These are the docs for the beta version of Evalite. Install with pnpm add evalite@beta

What Is Evalite?

Evalite runs your evals on a local dev server. It lets you scale up to thousands of evals with ease, and a gorgeous TypeScript DX. If you don’t know what evals are, see below.

For folks coming from frontend testing, Evalite is like Jest or Vitest, but for apps that use AI.

Here are the headlines:

Lets you write evals in .eval.ts files.
Runs a local server on localhost:3006
Lets you write scorers for your evals to score your system’s performance
Can run on CI, producing a static HTML bundle for viewing in CI artifacts
Based on Vitest, so you can use all the same tools (mocks, lifecycle hooks) you’re used to

What Are Evals?

Most AI-powered apps have behaviors that are probabilistic. They sometimes work, and sometimes don’t. Evals are a way to throw a TON of data at your system and see how it performs.

So evals are to AI-powered apps what tests are to regular apps. They’re a way to check that your app is working well enough to ship.

But AI-powered apps are different - so evals are different too. Normal tests give you a pass or fail metric. Evals give you a score from 0-100 based on how well your app is performing.

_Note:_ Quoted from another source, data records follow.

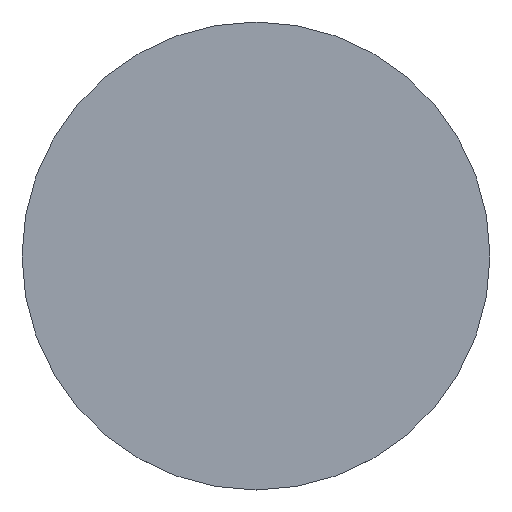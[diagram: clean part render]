
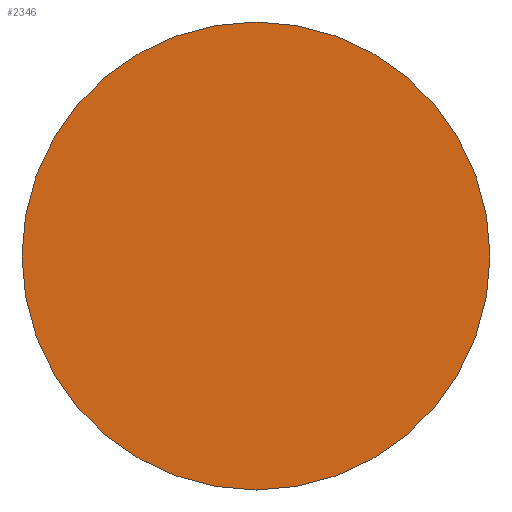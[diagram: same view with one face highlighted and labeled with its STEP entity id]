
A CAD part, top view. The second image highlights one B-rep face of the part: STEP entity #2346.
In plain terms, the highlighted planar face has unit normal (0, 0, 1).
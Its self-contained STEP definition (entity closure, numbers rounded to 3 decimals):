
#992=ORIENTED_EDGE('',*,*,#1269,.F.);
#1269=EDGE_CURVE('',#1459,#1459,#1609,.T.);
#1459=VERTEX_POINT('',#4197);
#1609=CIRCLE('',#2752,700.);
#1866=EDGE_LOOP('',(#992));
#2123=FACE_BOUND('',#1866,.T.);
#2181=PLANE('',#2754);
#2346=ADVANCED_FACE('',(#2123),#2181,.F.);
#2752=AXIS2_PLACEMENT_3D('',#4196,#3543,#3544);
#2754=AXIS2_PLACEMENT_3D('',#4200,#3547,#3548);
#3543=DIRECTION('',(0.,0.,-1.));
#3544=DIRECTION('',(1.,0.,0.));
#3547=DIRECTION('',(0.,0.,-1.));
#3548=DIRECTION('',(-1.,0.,0.));
#4196=CARTESIAN_POINT('',(0.,0.,5.));
#4197=CARTESIAN_POINT('',(700.,0.,5.));
#4200=CARTESIAN_POINT('',(0.,0.,5.));
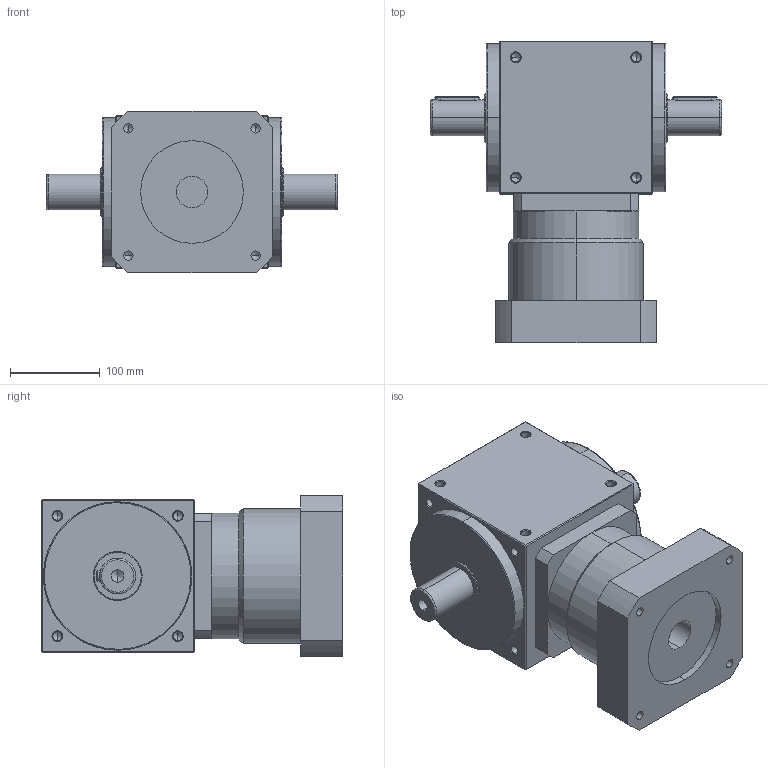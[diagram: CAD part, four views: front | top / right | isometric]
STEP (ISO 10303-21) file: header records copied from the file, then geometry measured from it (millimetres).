
FILE_DESCRIPTION (( 'STEP AP214' ), '1' );
FILE_NAME ('AT170-FL-L1--35-114.STEP', '2020-11-19T09:53:37', ( '微软用户' ), ( '微软中国' ), 'SwSTEP 2.0', 'SolidWorks 2014', '' );
FILE_SCHEMA (( 'AUTOMOTIVE_DESIGN' ));
Length unit declared in the file: millimetre
Products named in the file (2): AT170-FL-L1--35-114
Bounding box: 324 x 335.5 x 180 mm (x, y, z)
Volume: 9046129.5 mm3; surface area: 354356.4 mm2
Topology: 1 solids, 1 shells, 292 faces, 734 edges, 406 vertices
Faces by surface type: cylinder 124, cone 102, plane 58, bspline 8
Entity records: 11755 total; most frequent: CARTESIAN_POINT 2034, DIRECTION 1366, ORIENTED_EDGE 1364, EDGE_CURVE 682, AXIS2_PLACEMENT_3D 522, VERTEX_POINT 406, EDGE_LOOP 330, VECTOR 322
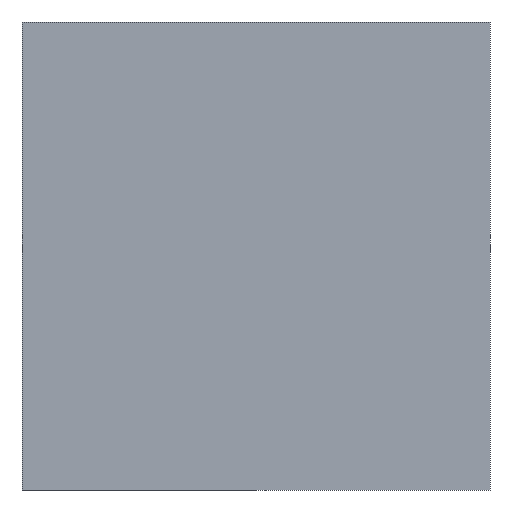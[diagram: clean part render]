
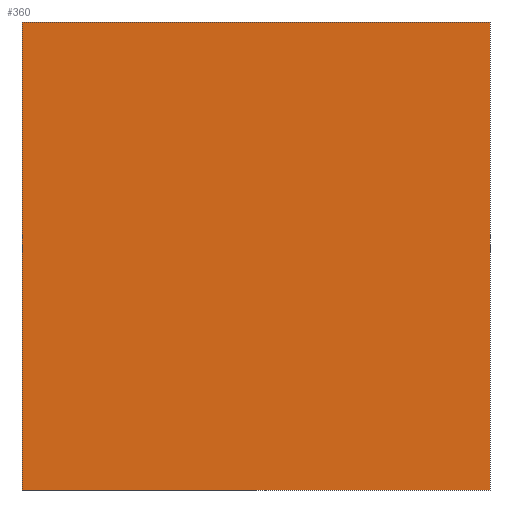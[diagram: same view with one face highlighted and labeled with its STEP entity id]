
A CAD part, left-side view. The second image highlights one B-rep face of the part: STEP entity #360.
In plain terms, the highlighted planar face has unit normal (-1, 0, 0).
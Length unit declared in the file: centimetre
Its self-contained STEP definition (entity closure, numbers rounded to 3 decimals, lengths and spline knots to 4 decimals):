
#12 = VECTOR ( 'NONE', #378, 100. ) ;
#18 = CARTESIAN_POINT ( 'NONE',  ( 0., 1000., 1000. ) ) ;
#19 = EDGE_CURVE ( 'NONE', #217, #22, #155, .T. ) ;
#22 = VERTEX_POINT ( 'NONE', #134 ) ;
#25 = CARTESIAN_POINT ( 'NONE',  ( 0., 1000., 1000. ) ) ;
#53 = CARTESIAN_POINT ( 'NONE',  ( 0., 0., 1000. ) ) ;
#55 = CARTESIAN_POINT ( 'NONE',  ( 0., 1000., 0. ) ) ;
#69 = AXIS2_PLACEMENT_3D ( 'NONE', #18, #145, #269 ) ;
#70 = VECTOR ( 'NONE', #294, 100. ) ;
#74 = CARTESIAN_POINT ( 'NONE',  ( 0., 0., 1000. ) ) ;
#84 = DIRECTION ( 'NONE',  ( 0., 0., -1. ) ) ;
#88 = EDGE_CURVE ( 'NONE', #323, #338, #270, .T. ) ;
#95 = ORIENTED_EDGE ( 'NONE', *, *, #147, .F. ) ;
#97 = EDGE_LOOP ( 'NONE', ( #303, #95, #186, #364 ) ) ;
#116 = CARTESIAN_POINT ( 'NONE',  ( 0., 1000., 1000. ) ) ;
#117 = CARTESIAN_POINT ( 'NONE',  ( 0., 1000., 1000. ) ) ;
#134 = CARTESIAN_POINT ( 'NONE',  ( 0., 0., 0. ) ) ;
#140 = CARTESIAN_POINT ( 'NONE',  ( 0., 1000., 0. ) ) ;
#145 = DIRECTION ( 'NONE',  ( 1., 0., 0. ) ) ;
#147 = EDGE_CURVE ( 'NONE', #338, #22, #234, .T. ) ;
#155 = LINE ( 'NONE', #140, #70 ) ;
#171 = LINE ( 'NONE', #117, #265 ) ;
#186 = ORIENTED_EDGE ( 'NONE', *, *, #88, .F. ) ;
#217 = VERTEX_POINT ( 'NONE', #55 ) ;
#234 = LINE ( 'NONE', #74, #12 ) ;
#265 = VECTOR ( 'NONE', #84, 100. ) ;
#268 = EDGE_CURVE ( 'NONE', #323, #217, #171, .T. ) ;
#269 = DIRECTION ( 'NONE',  ( 0., 0., -1. ) ) ;
#270 = LINE ( 'NONE', #116, #295 ) ;
#294 = DIRECTION ( 'NONE',  ( 0., -1., 0. ) ) ;
#295 = VECTOR ( 'NONE', #383, 100. ) ;
#302 = PLANE ( 'NONE',  #69 ) ;
#303 = ORIENTED_EDGE ( 'NONE', *, *, #19, .T. ) ;
#323 = VERTEX_POINT ( 'NONE', #25 ) ;
#338 = VERTEX_POINT ( 'NONE', #53 ) ;
#360 = ADVANCED_FACE ( 'NONE', ( #390 ), #302, .F. ) ;
#364 = ORIENTED_EDGE ( 'NONE', *, *, #268, .T. ) ;
#378 = DIRECTION ( 'NONE',  ( 0., 0., -1. ) ) ;
#383 = DIRECTION ( 'NONE',  ( 0., -1., 0. ) ) ;
#390 = FACE_OUTER_BOUND ( 'NONE', #97, .T. ) ;

Instead of .test.ts files, Evalite uses .eval.ts files. They look like this:

import { evalite } from "evalite";
import { exactMatch } from "evalite/scorers";

evalite("My Eval", {
  // 1. A set of data to test
  data: [{ input: "Hello", expected: "Hello World!" }],
  // 2. The task to perform, usually to call a LLM.
  task: async (input) => {
    return input + " World!";
  },
  // 3. Optionally, some scorers to score the eval
  scorers: [
    // For instance, exactMatch checks if the output
    // matches the expected value exactly
    {
      scorer: ({ output, expected }) =>
        exactMatch({ actual: output, expected }),
    },
  ],
});

In the code above, we have:

data: A dataset to test
task: The task to perform
scorers: Methods to score the eval

These are the core elements of an eval.

Why Does Evalite Exist?

There are plenty of eval runners out there. But most of them are also bundled with a cloud service.

Coming from a frontend testing background, this felt pretty strange to me. I wanted to be able to run evals locally, and not have to worry about vendor lock-in.

So Evalite is local-only. It runs on your machine, and you stay in complete control of your data.

This means no friction, no sign-off, and no vendor lock-in. Just you, your code, and your evals.